Namaza başlamadan önce Ticanilerde cehri olarak kelime-i tevhit zikri yapılıyor. Ondan sonra kamet getirip namaza başlanıyor. Sizlere uzaktan garip gelebilir ama bu toprakların kadim geleneği de böyle. Buraya ait değişik sosyolojik yapıları incelediğimizde eleştiride biraz da haksız olabileceğimizi fark edeceğiz. Öğle namazını kıldık. Namazdan sonra tekrar evdeyiz. Sonra cenaze için haber geldi. Bir yandan hazırlıklar ve arabalara yerleşme devam ederken diğer yandan da durmadan ve yorulmadan zikir devam ediyor. Sürekli olarak yorulmadan yapılan kelime i tevhit zikri ilginç bir şey. Allah’ın zikrini sevmek başka bir şey olmalı... Allah’ın istediği zikir başka şekilde mi yapılmalı diyorsunuz? Siz de öyle yapın... Bunlar da bunu yapacak. Sonra arabalara biniyoruz.

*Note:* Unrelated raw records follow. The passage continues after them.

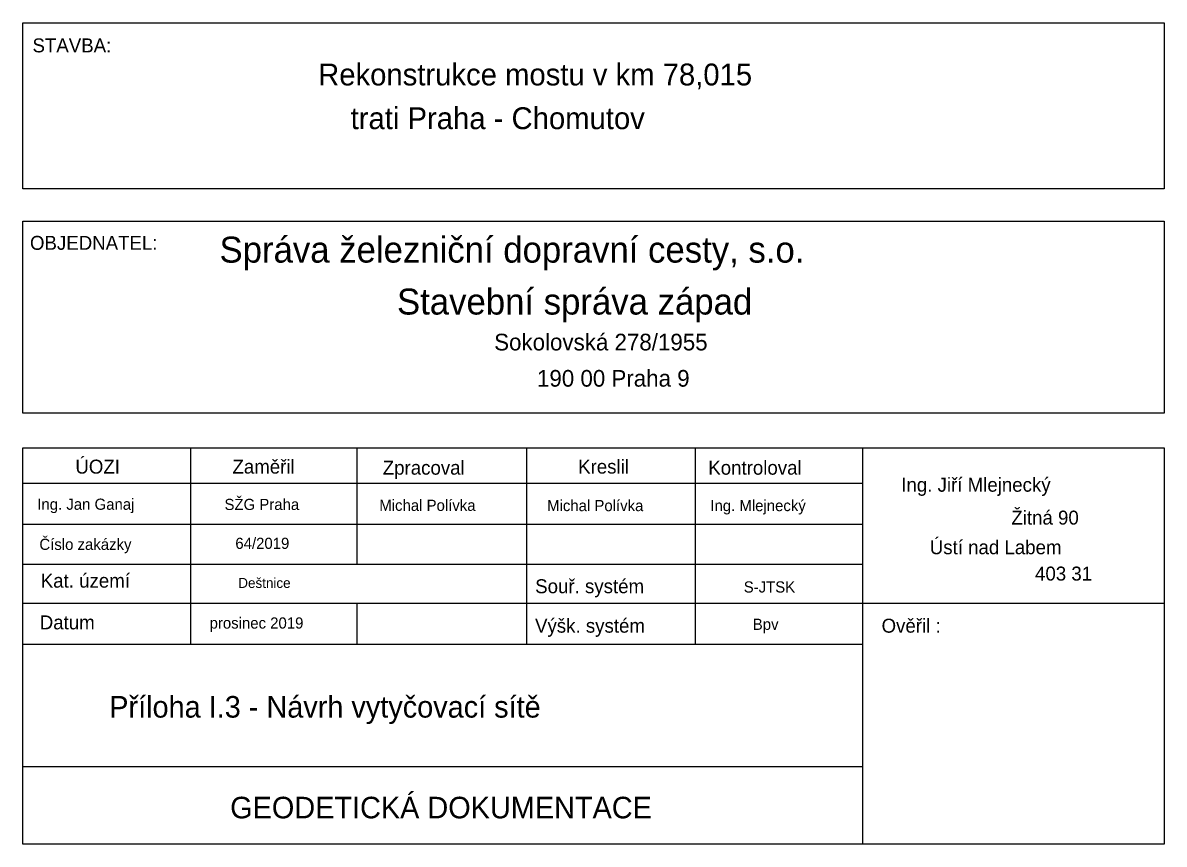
# Model space of a CAD drawing. Extents: x -879530 to -879371, y -1019242 to -1019127.
import ezdxf

# ---------------------------------------------------------------- set-up
doc = ezdxf.new("R2010")
doc.units = 0
doc.layers.add('LEGENDA', color=7, linetype='Continuous')
doc.layers.add('tabulka', color=7, linetype='Continuous')

msp = doc.modelspace()

# ---------------------------------------------------------------- linework, layer by layer
at = {"layer": 'tabulka'}
for p, q in [((-879530.09, -1019186.45), (-879371.44, -1019186.45)), ((-879506.8, -1019186.45), (-879506.8, -1019213.77)), ((-879483.66, -1019186.45), (-879483.66, -1019202.65)), ((-879460.06, -1019186.45), (-879460.06, -1019213.77)), ((-879436.61, -1019186.45), (-879436.61, -1019213.77)), ((-879413.31, -1019241.58), (-879413.31, -1019186.45)), ((-879530.09, -1019191.36), (-879413.31, -1019191.36)), ((-879530.09, -1019197.07), (-879413.31, -1019197.07)), ((-879530.09, -1019202.65), (-879413.31, -1019202.65)), ((-879530.09, -1019208.07), (-879371.44, -1019208.07)), ((-879483.66, -1019208.07), (-879483.66, -1019213.77)), ((-879530.09, -1019213.77), (-879413.31, -1019213.77)), ((-879530.09, -1019230.76), (-879413.31, -1019230.76))]:
    msp.add_line(p, q, dxfattribs=at)
for points in [[(-879530.09, -1019127.36), (-879371.44, -1019127.36), (-879371.44, -1019150.43), (-879530.09, -1019150.43)], [(-879530.09, -1019154.95), (-879371.44, -1019154.95), (-879371.44, -1019181.64), (-879530.09, -1019181.64)]]:
    msp.add_lwpolyline(points, close=True, dxfattribs=at)
msp.add_lwpolyline([(-879371.44, -1019186.45), (-879371.44, -1019241.58), (-879530.09, -1019241.58), (-879530.09, -1019186.45)], dxfattribs=at)

# ---------------------------------------------------------------- texts
at = {"layer": 'LEGENDA'}
for s, p in [('Rekonstrukce mostu v km 78,015', (-879489.04, -1019136.07)), ('    trati Praha - Chomutov', (-879489.04, -1019142.15))]:
    msp.add_text(s, height=3.04, dxfattribs=at).set_placement(p)
at = {"layer": 'tabulka'}
for s, height, p in [('STAVBA:', 1.94, (-879528.75, -1019131.47)), ('OBJEDNATEL:', 1.94, (-879529.1, -1019158.93)), ('Správa železniční dopravní cesty, s.o.', 3.61, (-879502.75, -1019160.71)), ('Stavební správa západ', 3.61, (-879478.08, -1019167.93)), ('Sokolovská 278/1955', 2.32, (-879464.57, -1019172.92)), ('190 00 Praha 9', 2.32, (-879458.62, -1019177.96)), ('ÚOZI', 1.94, (-879522.79, -1019190.05)), ('Zaměřil', 1.94, (-879500.95, -1019190.05)), ('Zpracoval', 1.94, (-879480.06, -1019190.2)), ('Kreslil', 1.94, (-879452.9, -1019190.05)), ('Kontroloval', 1.94, (-879434.81, -1019190.2)), ('Ing. Jiří Mlejnecký', 1.94, (-879407.98, -1019192.57)), ('Ing. Jan Ganaj', 1.552, (-879528.08, -1019195.08)), ('SŽG Praha', 1.552, (-879502.06, -1019195.11)), ('Michal Polívka', 1.552, (-879480.54, -1019195.23)), ('Michal Polívka', 1.552, (-879457.21, -1019195.27)), ('Ing. Mlejnecký', 1.552, (-879434.52, -1019195.27)), ('Žitná 90', 1.94, (-879392.68, -1019197.14)), ('Číslo zakázky', 1.552, (-879527.79, -1019200.66)), ('64/2019', 1.552, (-879500.55, -1019200.52)), ('Ústí nad Labem', 1.94, (-879404.02, -1019201.26)), ('403 31', 1.94, (-879389.39, -1019204.92)), ('Kat. území', 1.94, (-879527.6, -1019205.91)), ('Deštnice', 1.397, (-879500.14, -1019205.95)), ('Souř. systém', 1.94, (-879458.87, -1019206.68)), ('S-JTSK', 1.552, (-879429.88, -1019206.59)), ('Datum', 1.94, (-879527.74, -1019211.71)), ('prosinec 2019', 1.552, (-879504.13, -1019211.6)), ('Výšk. systém', 1.94, (-879458.89, -1019212.17)), ('Bpv', 1.552, (-879428.62, -1019211.78)), ('Ověřil :', 1.94, (-879410.72, -1019212.17)), ('Příloha I.3 - Návrh vytyčovací sítě', 3, (-879518.08, -1019223.98)), ('GEODETICKÁ DOKUMENTACE ', 3, (-879501.27, -1019237.99))]:
    msp.add_text(s, height=height, dxfattribs=at).set_placement(p)

doc.saveas('drawing.dxf')

Şehrin dış tarafında yer alan mezarlığa gittik. Biliyorum Burkina Faso’da mezarlıklar Müslüman - Hristiyan herkes için karışıktır. Fakat burada ısrarla baktım Hristiyan Mezarlığı göremedim. Bu şehirde ayrı olarak cenazeler defnediliyor olmalı... Yoksa misyonerlik faaliyetlerinin çok olduğu bir şehir Kaya...
Kaderi ilahi böyledir. Herkes için son durak burası. Yapılacak bir şey yok. Bir gün hepimiz için böyle bir kabir kazılacak. En yakın dostlar, o kabrin içine yerleştirecekler ve sonra bir toz bulutu yükselecek. Çünkü yakınlarımız daha erken mezara toprak atabilmek için yarışa girecekler. Burada da öyle oldu... Ama bizdekinden bir farkla... Hiç durup dinlenmeden devam eden kelimeyi tevhit zikri var. Hava sıcak, ortam toz... Biz de bir ağaç gölgesinde bekliyoruz.
Cenazenin defin işlemi bitti. Halk tekrar mezarın yanına toplandı. Zikir yeniden hızlandı. Aslında hiç kesilmedi ama... Şimdi daha bir yüksek ses ve tempoda devam ediyor. Sonra hep birlikte ayrıldık. Burada da telkin veriliyormuş. Ben cenazeye telkin verme âdetinin burada olmadığını sanıyordum. Lakin burada da varmış.
Kabre giderken Osman kardeşimiz de bizim arabada gitmişti. Dönüşte de mecburen onu bekledik ve evine kadar getirdik. Çok mutlu oldu. “Bugün hiç kimse çalışmıyor öyle mi?” Diye sordu. Remzi abi de “Bugünkü işimiz annemizin defnidir. Senin annen, hepimizin annesidir.” diye mukabelede bulundu. Bu cümleleri ona ben annesi hastanede yatarken de söylemiştim. Anne babasını uzakta bırakıp gelmiş bizler için bu cümleler sadece gönül alma kabilinden söylenmiş yaldızlı cümlelerde değil inanın... Bunu anlatmak zor ama...
Durmadan devam eden zikirler eşliğinde bir cenaze defnini tamamlamış olduk. Sonra vedalaşıp yolcu olduk.